About this exercise
Each line from the one with "# Autodesk Inventor part: ±¾ÌåCL_1_2_1" through the final line of the entries below must be printed exactly, and the pictures must not be.

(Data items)
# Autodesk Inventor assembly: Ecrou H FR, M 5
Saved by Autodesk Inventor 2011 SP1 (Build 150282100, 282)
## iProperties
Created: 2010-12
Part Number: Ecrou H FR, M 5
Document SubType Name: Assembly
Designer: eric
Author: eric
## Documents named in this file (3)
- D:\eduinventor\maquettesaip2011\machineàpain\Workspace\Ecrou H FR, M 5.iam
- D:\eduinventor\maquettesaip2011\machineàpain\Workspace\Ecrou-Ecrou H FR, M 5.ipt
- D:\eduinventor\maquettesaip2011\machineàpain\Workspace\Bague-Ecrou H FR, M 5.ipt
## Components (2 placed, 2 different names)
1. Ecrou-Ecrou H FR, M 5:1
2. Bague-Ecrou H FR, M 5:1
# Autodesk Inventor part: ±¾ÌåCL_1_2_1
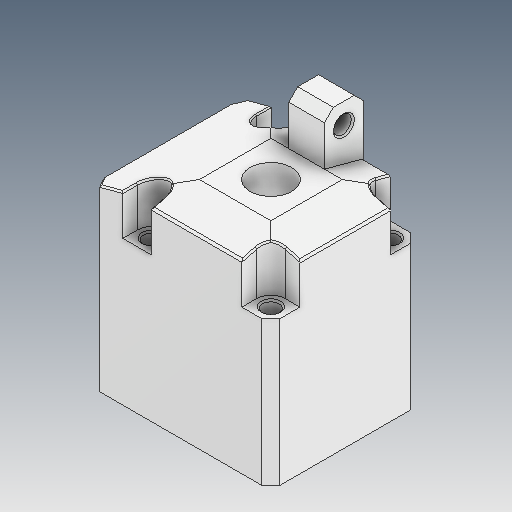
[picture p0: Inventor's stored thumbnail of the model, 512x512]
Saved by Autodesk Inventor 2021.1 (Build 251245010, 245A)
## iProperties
Created: 2021-05
Part Number: ±¾ÌåCL_1_2_1
Material: Ogólny
Document SubType Name: Modeling
Designer: user
Density: 1 g/cm^3
Appearance: Domyślna
Author: user
Revision Number: ÈÎºÎ
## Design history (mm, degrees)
feature "ÊäÈë1"
feature "ÊäÈë2"
node "Bryła1"
node "Bryła2"

Answer to this problem
# Autodesk Inventor part: ±¾ÌåCL_1_2_1
[picture p0: Inventor's stored thumbnail of the model, 512x512]
Saved by Autodesk Inventor 2021.1 (Build 251245010, 245A)
## iProperties
Created: 2021-05
Part Number: ±¾ÌåCL_1_2_1
Material: Ogólny
Document SubType Name: Modeling
Designer: user
Density: 1 g/cm^3
Appearance: Domyślna
Author: user
Revision Number: ÈÎºÎ
## Design history (mm, degrees)
feature "ÊäÈë1"
feature "ÊäÈë2"
node "Bryła1"
node "Bryła2"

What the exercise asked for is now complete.